L'officier de l'Armée de l'Air et de l'Espace (AAE) est un militaire de haut niveau, cadre dirigeant et expert d'une composante essentielle de la défense française, récemment renommée en 2020 pour intégrer la dimension spatiale. Il exerce des fonctions de commandement, de pilotage opérationnel, de direction technique ou d'état-major au sein des bases aériennes, escadrons de chasse, de transport, de défense sol-air, de renseignement, d'espace ou de cyberdéfense. Le code ROME rattaché est K1706 — Direction de personnels militaires et de police. En 2026, l'Armée de l'Air et de l'Espace compte environ 40 000 militaires dont près de 5 000 officiers, répartis entre les forces aériennes stratégiques (dissuasion nucléaire aéroportée), les forces aériennes de combat (chasse, reconnaissance, renseignement électromagnétique), les forces aériennes de projection (transport tactique et stratégique, ravitaillement en vol, liaison) et le Commandement de l'espace (CDE) basé à Toulouse.

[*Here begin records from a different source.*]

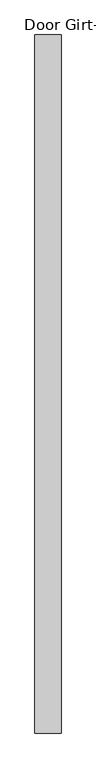
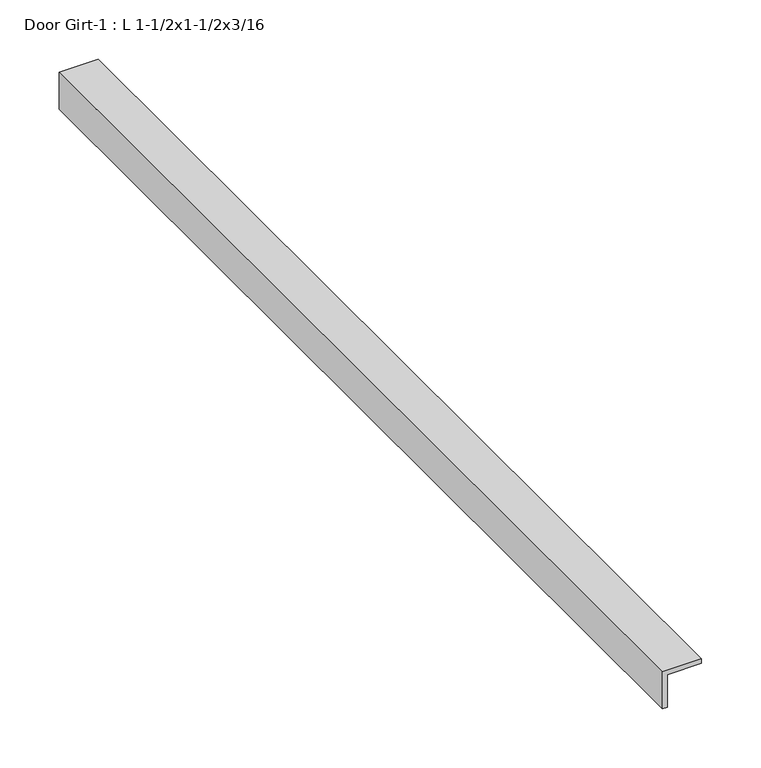
"""IFC4 building model written with IfcOpenShell, lengths in millimetres: proxy geometry, Door Girt-1 : L 1-1/2x1-1/2x3/16."""

import ifcopenshell
import ifcopenshell.guid

model = None  # the IFC model being written
_history = None  # IfcOwnerHistory: only IFC2X3 demands one
_inside = {}  # id of a spatial element -> (the spatial element, [elements in it])
_under = {}  # id of a project, library or spatial element -> (it, [spatial elements below it])
_declared = {}  # id of a project -> (the project, [libraries it declares])
_typed = {}  # id of a type object -> (the type object, [elements of that type])
_made_of = {}  # id of a material, layer set ... -> (it, [elements and type objects made of it])


def new_model(schema):
    """Start an empty IFC model of exactly this schema.

    Asked for "IFC4X3", IfcOpenShell would pick the latest addendum, in which some entities
    have other attributes; the version numbers below select the first issue.
    IFC2X3 requires an IfcOwnerHistory on every rooted entity: one is made here for all.
    """
    global model, _history
    if schema == "IFC4X3":
        model = ifcopenshell.file(schema_version=(4, 3, 0, 0))
    else:
        model = ifcopenshell.file(schema=schema)
    _inside.clear()
    _under.clear()
    _declared.clear()
    _typed.clear()
    _made_of.clear()
    _history = None
    if model.schema == "IFC2X3":
        org = make("IfcOrganization", Name="unknown")
        user = make(
            "IfcPersonAndOrganization",
            ThePerson=make("IfcPerson", FamilyName="unknown"),
            TheOrganization=org,
        )
        app = make(
            "IfcApplication",
            ApplicationDeveloper=org,
            Version="unknown",
            ApplicationFullName="unknown",
            ApplicationIdentifier="unknown",
        )
        _history = make(
            "IfcOwnerHistory",
            OwningUser=user,
            OwningApplication=app,
            ChangeAction="ADDED",
            CreationDate=0,
        )
    return model


def make(cls, **values):
    """One entity of the class cls with the attributes given. An attribute that is None is left unset."""
    return model.create_entity(
        cls, **{name: value for name, value in values.items() if value is not None}
    )


def rooted(cls, **values):
    """An entity with a GlobalId (a new one), such as an element, a storey or a relation."""
    return make(cls, GlobalId=ifcopenshell.guid.new(), OwnerHistory=_history, **values)


def si_unit(unit_type, name, prefix=None):
    """IfcSIUnit, for example si_unit("LENGTHUNIT", "METRE", prefix="MILLI")."""
    return make("IfcSIUnit", UnitType=unit_type, Prefix=prefix, Name=name)


def assignment(units):
    """IfcUnitAssignment: the units of a project."""
    return None if units is None else make("IfcUnitAssignment", Units=units)


def point(xyz):
    """IfcCartesianPoint."""
    return None if xyz is None else make("IfcCartesianPoint", Coordinates=xyz)


def direction(xyz):
    """IfcDirection."""
    return None if xyz is None else make("IfcDirection", DirectionRatios=xyz)


def frame(location, z_axis=None, x_axis=None):
    """IfcAxis2Placement3D, a coordinate frame: its origin and axes. An axis left out is left unset."""
    return make(
        "IfcAxis2Placement3D",
        Location=point(location),
        Axis=direction(z_axis),
        RefDirection=direction(x_axis),
    )


def origin():
    """The frame at (0, 0, 0) with its axes left unset."""
    return frame((0.0, 0.0, 0.0))


def place(relative_to, where):
    """IfcLocalPlacement: puts the frame where relative to a parent placement (None: the world)."""
    return make(
        "IfcLocalPlacement", PlacementRelTo=relative_to, RelativePlacement=where
    )


def context(
    kind, dimensions, precision=None, world=None, true_north=None, identifier=None
):
    """IfcGeometricRepresentationContext, for example the 3D "Model" context."""
    return make(
        "IfcGeometricRepresentationContext",
        ContextIdentifier=identifier,
        ContextType=kind,
        CoordinateSpaceDimension=dimensions,
        Precision=precision,
        WorldCoordinateSystem=world,
        TrueNorth=true_north,
    )


def project(units=None, contexts=None):
    """IfcProject with its units and contexts."""
    return rooted(
        "IfcProject",
        Name="project",
        RepresentationContexts=contexts,
        UnitsInContext=assignment(units),
    )


def spatial(cls, under=None, at=None, **own):
    """A site, building, storey or space (cls), placed at a placement, below another one or the project."""
    s = rooted(cls, ObjectPlacement=at, **own)
    if under is not None:
        _under.setdefault(under.id(), (under, []))[1].append(s)
    return s


def polyline(points):
    """IfcPolyline through the points."""
    return make("IfcPolyline", Points=[point(p) for p in points])


def outline(outer, holes=None, kind="AREA"):
    """IfcArbitraryClosedProfileDef: a profile drawn as a closed curve; with holes, ...WithVoids."""
    if holes is None:
        return make("IfcArbitraryClosedProfileDef", ProfileType=kind, OuterCurve=outer)
    return make(
        "IfcArbitraryProfileDefWithVoids",
        ProfileType=kind,
        OuterCurve=outer,
        InnerCurves=holes,
    )


def extrude(swept, where, along, depth):
    """IfcExtrudedAreaSolid: the profile swept, set in the frame where, extruded along a direction by depth."""
    return make(
        "IfcExtrudedAreaSolid",
        SweptArea=swept,
        Position=where,
        ExtrudedDirection=direction(along),
        Depth=depth,
    )


def shape(context_of_items, identifier, shape_type, items):
    """IfcShapeRepresentation: the items that make up one representation, for example the "Body"."""
    return make(
        "IfcShapeRepresentation",
        ContextOfItems=context_of_items,
        RepresentationIdentifier=identifier,
        RepresentationType=shape_type,
        Items=items,
    )


def source(mapping_origin, context_of_items, identifier, shape_type, items):
    """IfcRepresentationMap: a shape defined once, which mapped items show again and again."""
    return make(
        "IfcRepresentationMap",
        MappingOrigin=mapping_origin,
        MappedRepresentation=shape(context_of_items, identifier, shape_type, items),
    )


def transform(
    local_origin,
    x_axis=None,
    y_axis=None,
    z_axis=None,
    scale=None,
    scale2=None,
    scale3=None,
    uniform=True,
):
    """IfcCartesianTransformationOperator3D, or its non-uniform kind. x_axis, y_axis, z_axis: its Axis1, 2, 3."""
    if uniform:
        return make(
            "IfcCartesianTransformationOperator3D",
            Axis1=direction(x_axis),
            Axis2=direction(y_axis),
            LocalOrigin=point(local_origin),
            Scale=scale,
            Axis3=direction(z_axis),
        )
    return make(
        "IfcCartesianTransformationOperator3DnonUniform",
        Axis1=direction(x_axis),
        Axis2=direction(y_axis),
        LocalOrigin=point(local_origin),
        Scale=scale,
        Axis3=direction(z_axis),
        Scale2=scale2,
        Scale3=scale3,
    )


def mapped(mapping_source, mapping_target):
    """IfcMappedItem: shows the shape of a source again, moved by a transform."""
    return make(
        "IfcMappedItem", MappingSource=mapping_source, MappingTarget=mapping_target
    )


def made_of(thing, what):
    """Note that an element or type object is made of a material, layer set ...; save() writes the relation."""
    if what is not None:
        _made_of.setdefault(what.id(), (what, []))[1].append(thing)
    return thing


def element(
    cls,
    number,
    at=None,
    inside=None,
    cuts=None,
    type_object=None,
    material=None,
    context=None,
    identifier="Body",
    shape_type=None,
    held_by="IfcProductDefinitionShape",
    body=None,
    shapes=None,
    **own,
):
    """One element of the class cls, such as IfcWall. Its Tag is "e" and its number.

    at: its placement. inside: the storey or other place that contains it. cuts: it is an
    opening in that element (IfcRelVoidsElement). A single representation is given by context,
    identifier, shape_type and body (its items); several are given by shapes. held_by: the class
    of the entity that holds the representations. save() writes the other relations.
    """
    e = rooted(cls, Tag="e%d" % number, ObjectPlacement=at, **own)
    if body is not None:
        shapes = [shape(context, identifier, shape_type, body)]
    if shapes is not None:
        e.Representation = make(held_by, Representations=shapes)
    if inside is not None:
        _inside.setdefault(inside.id(), (inside, []))[1].append(e)
    if cuts is not None:
        rooted(
            "IfcRelVoidsElement", RelatingBuildingElement=cuts, RelatedOpeningElement=e
        )
    if type_object is not None:
        _typed.setdefault(type_object.id(), (type_object, []))[1].append(e)
    return made_of(e, material)


def aggregate(whole, parts):
    """IfcRelAggregates: a whole, such as a stair, and the parts it consists of."""
    return rooted("IfcRelAggregates", RelatingObject=whole, RelatedObjects=parts)


def save(model, path):
    """Write the relations noted so far, then the file.

    IfcRelAggregates (storeys below a building ...), IfcRelContainedInSpatialStructure (elements
    in a storey), IfcRelDefinesByType, IfcRelAssociatesMaterial and IfcRelDeclares: one each for
    every whole, place, type object, material and project.
    """
    for whole, parts in _under.values():
        aggregate(whole, parts)
    for where, things in _inside.values():
        rooted(
            "IfcRelContainedInSpatialStructure",
            RelatedElements=things,
            RelatingStructure=where,
        )
    for kind, things in _typed.values():
        rooted("IfcRelDefinesByType", RelatedObjects=things, RelatingType=kind)
    for what, things in _made_of.values():
        rooted("IfcRelAssociatesMaterial", RelatedObjects=things, RelatingMaterial=what)
    for by, libraries in _declared.values():
        rooted("IfcRelDeclares", RelatingContext=by, RelatedDefinitions=libraries)
    model.write(path)


def door_girt_1_l_1_1_2x1_1_2x3_16_e85b96be(model_context):
    return source(origin(), model_context, "Body", "SweptSolid", [
        extrude(outline(polyline([(1625.6, 587403.9934739), (1625.6, 587365.8934739), (1587.5, 587365.8934739), (1587.5, 587370.6559739), (1620.8375, 587370.6559739), (1620.8375, 587403.9934739), (1625.6, 587403.9934739)])), frame((0.0, -532839.3663841, 0.0), z_axis=(0.0, 1.0, 0.0), x_axis=(0.0, 0.0, 1.0)), (0.0, 0.0, 1.0), 1017.5875),
    ])


if __name__ == "__main__":
    model = new_model("IFC4")
    model_context = context("Model", 3, world=origin())
    ifc_project = project(units=[si_unit("LENGTHUNIT", "METRE", prefix="MILLI")], contexts=[model_context])
    site = spatial("IfcSite", under=ifc_project)
    building = spatial("IfcBuilding", under=site)
    placement = place(None, origin())
    door_girt_1_l_1_1_2x1_1_2x3_16_shape = door_girt_1_l_1_1_2x1_1_2x3_16_e85b96be(model_context)
    element("IfcBuildingElementProxy", 1, Name="Door Girt-1 : L 1-1/2x1-1/2x3/16", ObjectType="Door Girt-1 : L 1-1/2x1-1/2x3/16", at=placement, inside=building, context=model_context, shape_type="MappedRepresentation", body=[
        mapped(door_girt_1_l_1_1_2x1_1_2x3_16_shape, transform((0.0, 0.0, 0.0), x_axis=(1.0, 0.0, 0.0), y_axis=(0.0, 1.0, 0.0), z_axis=(0.0, 0.0, 1.0))),
    ])
    save(model, "model.ifc")

# Revit data of these elements
# Element 1 (IfcBuildingElementProxy, "Door Girt-1 : L 1-1/2x1-1/2x3/16")
#   Materials on its faces: "1-1/2\"X1-1/2\" GALV. STL L"
# Materials
#   "1-1/2\"X1-1/2\" GALV. STL L": class "Generic", colour RGB 211 211 207, transparency 0, Cost = 0

La voie principale d'accès au corps des officiers est l'École de l'Air et de l'Espace (EAE) située sur la base aérienne 701 de Salon-de-Provence (13), qui forme les élèves officiers de carrière pendant trois années sous statut militaire. Le recrutement s'effectue par plusieurs concours : le concours externe post-prépa CPGE (classes préparatoires scientifiques MP, PC, PSI), le concours externe universitaire (licence L2/L3), le concours universitaire master, le concours interne (sous-officiers de l'AAE justifiant de 4 ans de service) et le recrutement sur titre (spécialités ingénieurs, médecins militaires, commissaires). La scolarité à l'EAE mêle enseignement scientifique et technique (aéronautique, mécanique du vol, systèmes d'armes), militaire (commandement, tactique, instruction tir), et opérationnel (simulateurs, stages en unité, vols d'initiation sur TB-30 Epsilon, Grob 120 et Cirrus SR20). Les futurs pilotes poursuivent ensuite leur formation à Cognac (BA 709) sur Pilatus PC-21, puis en filière chasse (Tours, Cazaux), transport (Avord) ou hélicoptère (EALAT Le Luc-en-Provence).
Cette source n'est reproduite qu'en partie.